Work required ::
The first line of the entries below, the line containing "doc.units = ezdxf.units.IN", and every line between them should be repeated exactly, and nothing else.

Records ::
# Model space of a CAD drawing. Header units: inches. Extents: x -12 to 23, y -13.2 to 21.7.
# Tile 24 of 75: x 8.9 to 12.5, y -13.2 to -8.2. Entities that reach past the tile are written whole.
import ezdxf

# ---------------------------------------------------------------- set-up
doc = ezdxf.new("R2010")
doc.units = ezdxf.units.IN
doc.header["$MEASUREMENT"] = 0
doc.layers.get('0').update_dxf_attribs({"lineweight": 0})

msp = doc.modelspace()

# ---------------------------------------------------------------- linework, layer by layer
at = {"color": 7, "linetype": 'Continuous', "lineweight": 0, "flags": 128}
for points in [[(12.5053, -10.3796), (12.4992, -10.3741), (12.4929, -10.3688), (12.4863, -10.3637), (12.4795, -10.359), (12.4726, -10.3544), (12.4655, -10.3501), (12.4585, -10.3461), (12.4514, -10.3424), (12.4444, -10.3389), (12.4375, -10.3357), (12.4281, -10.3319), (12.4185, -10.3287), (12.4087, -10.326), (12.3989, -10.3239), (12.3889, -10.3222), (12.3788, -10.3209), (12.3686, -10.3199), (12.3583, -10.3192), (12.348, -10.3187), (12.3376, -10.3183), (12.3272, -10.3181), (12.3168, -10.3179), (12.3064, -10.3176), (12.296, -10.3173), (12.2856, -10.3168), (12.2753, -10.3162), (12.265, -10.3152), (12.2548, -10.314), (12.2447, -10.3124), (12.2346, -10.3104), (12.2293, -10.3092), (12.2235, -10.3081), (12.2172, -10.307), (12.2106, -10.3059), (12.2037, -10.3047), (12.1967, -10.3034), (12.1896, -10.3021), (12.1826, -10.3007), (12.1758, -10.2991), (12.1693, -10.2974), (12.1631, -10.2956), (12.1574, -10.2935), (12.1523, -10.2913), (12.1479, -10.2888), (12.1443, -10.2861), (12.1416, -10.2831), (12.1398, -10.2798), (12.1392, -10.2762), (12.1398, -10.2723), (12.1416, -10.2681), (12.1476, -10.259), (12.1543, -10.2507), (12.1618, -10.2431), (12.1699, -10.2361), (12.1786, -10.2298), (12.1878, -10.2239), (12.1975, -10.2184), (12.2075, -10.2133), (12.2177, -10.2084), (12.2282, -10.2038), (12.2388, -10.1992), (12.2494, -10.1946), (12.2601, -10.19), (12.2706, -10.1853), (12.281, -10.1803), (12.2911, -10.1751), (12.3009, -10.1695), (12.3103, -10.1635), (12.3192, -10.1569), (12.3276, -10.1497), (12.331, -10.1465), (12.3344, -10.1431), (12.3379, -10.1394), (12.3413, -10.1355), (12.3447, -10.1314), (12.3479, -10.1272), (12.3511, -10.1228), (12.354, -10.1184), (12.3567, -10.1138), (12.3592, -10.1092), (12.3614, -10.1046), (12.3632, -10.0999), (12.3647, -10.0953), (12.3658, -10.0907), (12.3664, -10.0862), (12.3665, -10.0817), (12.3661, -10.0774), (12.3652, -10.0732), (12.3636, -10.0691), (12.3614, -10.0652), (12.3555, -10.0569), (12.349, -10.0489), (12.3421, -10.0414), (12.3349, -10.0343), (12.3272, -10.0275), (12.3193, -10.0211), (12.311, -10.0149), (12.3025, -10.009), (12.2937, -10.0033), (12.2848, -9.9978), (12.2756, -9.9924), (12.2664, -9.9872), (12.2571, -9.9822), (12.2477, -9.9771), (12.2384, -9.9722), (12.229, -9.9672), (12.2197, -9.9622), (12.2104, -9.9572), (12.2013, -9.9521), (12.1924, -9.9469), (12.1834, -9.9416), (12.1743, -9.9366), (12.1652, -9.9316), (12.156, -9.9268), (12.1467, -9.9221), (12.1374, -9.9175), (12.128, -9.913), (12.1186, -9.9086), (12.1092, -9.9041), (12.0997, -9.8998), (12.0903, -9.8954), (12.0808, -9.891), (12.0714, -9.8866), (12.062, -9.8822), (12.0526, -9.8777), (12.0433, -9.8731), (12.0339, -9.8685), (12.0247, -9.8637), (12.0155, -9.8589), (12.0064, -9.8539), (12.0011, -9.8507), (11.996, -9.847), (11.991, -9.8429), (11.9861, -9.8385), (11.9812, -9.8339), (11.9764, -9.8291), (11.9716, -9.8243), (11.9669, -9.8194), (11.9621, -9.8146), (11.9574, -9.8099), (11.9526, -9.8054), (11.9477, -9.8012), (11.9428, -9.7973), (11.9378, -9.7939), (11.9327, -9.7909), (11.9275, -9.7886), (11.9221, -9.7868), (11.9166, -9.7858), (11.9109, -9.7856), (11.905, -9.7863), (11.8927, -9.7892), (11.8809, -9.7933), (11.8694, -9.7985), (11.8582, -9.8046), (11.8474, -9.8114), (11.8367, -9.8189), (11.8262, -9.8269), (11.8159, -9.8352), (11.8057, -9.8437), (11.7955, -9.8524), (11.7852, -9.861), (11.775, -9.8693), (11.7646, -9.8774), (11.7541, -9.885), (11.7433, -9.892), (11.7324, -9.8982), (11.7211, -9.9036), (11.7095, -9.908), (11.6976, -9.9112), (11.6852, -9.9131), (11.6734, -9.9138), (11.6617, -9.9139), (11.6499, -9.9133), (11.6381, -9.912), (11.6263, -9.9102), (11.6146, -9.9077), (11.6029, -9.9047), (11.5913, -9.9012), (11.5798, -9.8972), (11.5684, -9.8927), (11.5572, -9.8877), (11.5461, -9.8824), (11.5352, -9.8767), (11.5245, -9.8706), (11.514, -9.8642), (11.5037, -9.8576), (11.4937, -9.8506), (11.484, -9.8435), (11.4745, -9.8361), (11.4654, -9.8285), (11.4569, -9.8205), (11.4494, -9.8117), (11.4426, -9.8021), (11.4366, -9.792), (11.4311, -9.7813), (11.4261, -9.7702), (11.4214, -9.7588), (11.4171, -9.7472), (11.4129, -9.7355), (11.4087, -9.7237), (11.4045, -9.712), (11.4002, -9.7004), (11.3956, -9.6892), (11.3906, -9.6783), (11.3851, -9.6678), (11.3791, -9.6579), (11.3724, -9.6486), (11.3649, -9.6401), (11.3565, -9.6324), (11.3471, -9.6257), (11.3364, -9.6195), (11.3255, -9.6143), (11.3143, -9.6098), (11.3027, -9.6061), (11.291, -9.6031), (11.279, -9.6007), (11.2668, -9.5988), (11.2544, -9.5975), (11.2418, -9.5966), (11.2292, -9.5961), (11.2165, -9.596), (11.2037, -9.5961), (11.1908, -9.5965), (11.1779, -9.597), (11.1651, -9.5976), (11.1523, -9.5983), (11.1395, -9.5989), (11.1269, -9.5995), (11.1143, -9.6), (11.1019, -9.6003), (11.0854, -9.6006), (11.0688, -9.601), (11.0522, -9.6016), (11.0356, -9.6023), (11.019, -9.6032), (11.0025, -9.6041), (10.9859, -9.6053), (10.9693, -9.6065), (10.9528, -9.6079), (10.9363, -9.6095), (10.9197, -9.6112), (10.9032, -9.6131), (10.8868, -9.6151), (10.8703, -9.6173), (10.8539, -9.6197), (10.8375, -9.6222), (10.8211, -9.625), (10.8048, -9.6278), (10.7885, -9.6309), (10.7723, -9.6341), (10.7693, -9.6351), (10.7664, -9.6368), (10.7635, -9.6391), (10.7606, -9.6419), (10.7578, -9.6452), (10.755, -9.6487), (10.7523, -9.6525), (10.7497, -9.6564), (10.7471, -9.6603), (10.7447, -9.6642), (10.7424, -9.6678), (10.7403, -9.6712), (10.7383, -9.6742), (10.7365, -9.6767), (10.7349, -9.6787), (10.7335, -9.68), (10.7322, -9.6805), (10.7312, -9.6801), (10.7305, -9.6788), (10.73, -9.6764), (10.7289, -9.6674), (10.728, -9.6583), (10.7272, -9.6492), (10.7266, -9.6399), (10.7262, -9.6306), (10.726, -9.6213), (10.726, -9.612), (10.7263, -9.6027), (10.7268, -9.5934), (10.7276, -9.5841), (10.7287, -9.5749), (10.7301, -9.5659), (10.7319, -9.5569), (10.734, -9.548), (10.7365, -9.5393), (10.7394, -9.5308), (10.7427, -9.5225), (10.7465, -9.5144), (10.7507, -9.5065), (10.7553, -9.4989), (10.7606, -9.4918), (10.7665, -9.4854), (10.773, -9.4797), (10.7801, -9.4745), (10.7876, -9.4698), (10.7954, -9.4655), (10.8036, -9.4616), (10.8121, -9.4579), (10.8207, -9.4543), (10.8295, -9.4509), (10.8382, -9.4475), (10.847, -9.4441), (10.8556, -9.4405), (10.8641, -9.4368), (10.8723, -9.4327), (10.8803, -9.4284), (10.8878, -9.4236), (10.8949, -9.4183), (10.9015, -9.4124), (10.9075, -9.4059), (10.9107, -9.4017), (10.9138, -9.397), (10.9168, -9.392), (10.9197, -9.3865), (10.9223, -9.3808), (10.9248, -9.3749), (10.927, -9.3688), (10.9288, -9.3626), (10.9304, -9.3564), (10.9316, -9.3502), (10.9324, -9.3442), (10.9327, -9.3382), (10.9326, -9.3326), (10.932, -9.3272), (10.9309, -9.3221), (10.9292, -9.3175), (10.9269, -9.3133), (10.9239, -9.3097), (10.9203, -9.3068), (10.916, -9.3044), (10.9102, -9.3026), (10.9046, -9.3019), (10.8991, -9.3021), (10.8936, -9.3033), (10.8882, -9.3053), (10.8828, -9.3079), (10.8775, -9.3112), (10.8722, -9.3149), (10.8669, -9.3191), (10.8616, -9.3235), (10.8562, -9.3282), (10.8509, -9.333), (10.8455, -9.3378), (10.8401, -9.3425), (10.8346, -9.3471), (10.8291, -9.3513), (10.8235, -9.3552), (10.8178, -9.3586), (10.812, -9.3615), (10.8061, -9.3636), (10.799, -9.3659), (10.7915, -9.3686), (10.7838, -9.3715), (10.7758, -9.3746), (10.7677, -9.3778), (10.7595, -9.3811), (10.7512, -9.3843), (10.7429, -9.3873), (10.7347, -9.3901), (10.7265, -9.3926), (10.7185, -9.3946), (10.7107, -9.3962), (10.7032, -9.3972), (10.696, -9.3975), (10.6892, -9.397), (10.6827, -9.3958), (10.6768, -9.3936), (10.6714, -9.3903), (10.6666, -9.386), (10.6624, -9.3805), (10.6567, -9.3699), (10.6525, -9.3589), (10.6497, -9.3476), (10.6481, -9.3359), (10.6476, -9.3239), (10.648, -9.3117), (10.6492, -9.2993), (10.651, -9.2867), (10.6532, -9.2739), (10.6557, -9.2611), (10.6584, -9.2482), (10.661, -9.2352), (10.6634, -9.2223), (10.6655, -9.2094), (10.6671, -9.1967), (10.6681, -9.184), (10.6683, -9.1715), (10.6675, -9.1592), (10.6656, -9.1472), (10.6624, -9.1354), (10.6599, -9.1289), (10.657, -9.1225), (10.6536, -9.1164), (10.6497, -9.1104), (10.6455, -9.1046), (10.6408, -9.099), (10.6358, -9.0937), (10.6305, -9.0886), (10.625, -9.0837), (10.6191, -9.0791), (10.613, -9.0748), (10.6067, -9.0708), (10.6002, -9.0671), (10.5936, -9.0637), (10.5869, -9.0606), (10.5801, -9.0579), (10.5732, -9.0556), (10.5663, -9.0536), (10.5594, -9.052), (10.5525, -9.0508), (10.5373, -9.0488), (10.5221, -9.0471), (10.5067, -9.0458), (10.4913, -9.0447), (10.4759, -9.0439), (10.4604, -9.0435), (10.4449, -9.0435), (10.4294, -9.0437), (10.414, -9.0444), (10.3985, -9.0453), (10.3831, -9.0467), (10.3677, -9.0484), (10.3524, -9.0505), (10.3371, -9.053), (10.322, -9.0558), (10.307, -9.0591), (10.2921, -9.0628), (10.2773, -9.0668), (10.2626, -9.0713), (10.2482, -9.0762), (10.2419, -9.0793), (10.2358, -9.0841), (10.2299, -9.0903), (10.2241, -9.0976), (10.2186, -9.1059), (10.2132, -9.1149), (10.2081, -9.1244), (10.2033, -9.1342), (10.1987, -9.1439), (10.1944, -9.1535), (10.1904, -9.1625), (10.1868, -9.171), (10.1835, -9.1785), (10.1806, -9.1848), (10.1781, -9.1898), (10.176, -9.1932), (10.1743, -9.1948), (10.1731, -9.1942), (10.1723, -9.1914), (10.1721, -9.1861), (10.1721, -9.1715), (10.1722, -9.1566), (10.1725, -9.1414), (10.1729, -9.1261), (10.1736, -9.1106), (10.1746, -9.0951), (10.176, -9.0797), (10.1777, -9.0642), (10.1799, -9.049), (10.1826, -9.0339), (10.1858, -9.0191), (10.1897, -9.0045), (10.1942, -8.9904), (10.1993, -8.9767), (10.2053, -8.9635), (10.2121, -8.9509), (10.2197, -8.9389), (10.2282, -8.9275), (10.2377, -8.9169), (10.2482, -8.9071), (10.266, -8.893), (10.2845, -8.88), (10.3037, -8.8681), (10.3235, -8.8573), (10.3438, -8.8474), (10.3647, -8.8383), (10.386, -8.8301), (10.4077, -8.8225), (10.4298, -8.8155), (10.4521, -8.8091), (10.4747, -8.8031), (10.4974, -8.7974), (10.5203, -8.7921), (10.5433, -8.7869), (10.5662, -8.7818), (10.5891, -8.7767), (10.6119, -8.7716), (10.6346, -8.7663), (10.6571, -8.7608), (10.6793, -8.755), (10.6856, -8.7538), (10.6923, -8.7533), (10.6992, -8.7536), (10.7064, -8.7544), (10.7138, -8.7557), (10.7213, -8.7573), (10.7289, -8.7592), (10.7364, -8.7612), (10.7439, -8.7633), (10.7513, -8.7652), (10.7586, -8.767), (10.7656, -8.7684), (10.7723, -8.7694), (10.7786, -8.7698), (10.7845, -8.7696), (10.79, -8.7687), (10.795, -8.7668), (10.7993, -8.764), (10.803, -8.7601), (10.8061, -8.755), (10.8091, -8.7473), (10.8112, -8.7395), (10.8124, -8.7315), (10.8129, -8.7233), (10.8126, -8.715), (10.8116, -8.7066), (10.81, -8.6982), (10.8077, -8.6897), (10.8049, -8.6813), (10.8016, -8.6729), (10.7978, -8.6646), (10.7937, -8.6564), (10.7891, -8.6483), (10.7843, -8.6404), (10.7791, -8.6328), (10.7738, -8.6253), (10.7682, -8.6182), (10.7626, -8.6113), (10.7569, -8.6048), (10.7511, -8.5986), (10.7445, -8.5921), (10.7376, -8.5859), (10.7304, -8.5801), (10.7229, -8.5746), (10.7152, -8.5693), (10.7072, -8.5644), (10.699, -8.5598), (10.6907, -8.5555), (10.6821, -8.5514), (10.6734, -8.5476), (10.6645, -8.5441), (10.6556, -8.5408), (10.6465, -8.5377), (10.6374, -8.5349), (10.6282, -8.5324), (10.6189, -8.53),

Your solution ::
# Model space of a CAD drawing. Header units: inches. Extents: x -12 to 23, y -13.2 to 21.7.
# Tile 24 of 75: x 8.9 to 12.5, y -13.2 to -8.2. Entities that reach past the tile are written whole.
import ezdxf

# ---------------------------------------------------------------- set-up
doc = ezdxf.new("R2010")
doc.units = ezdxf.units.IN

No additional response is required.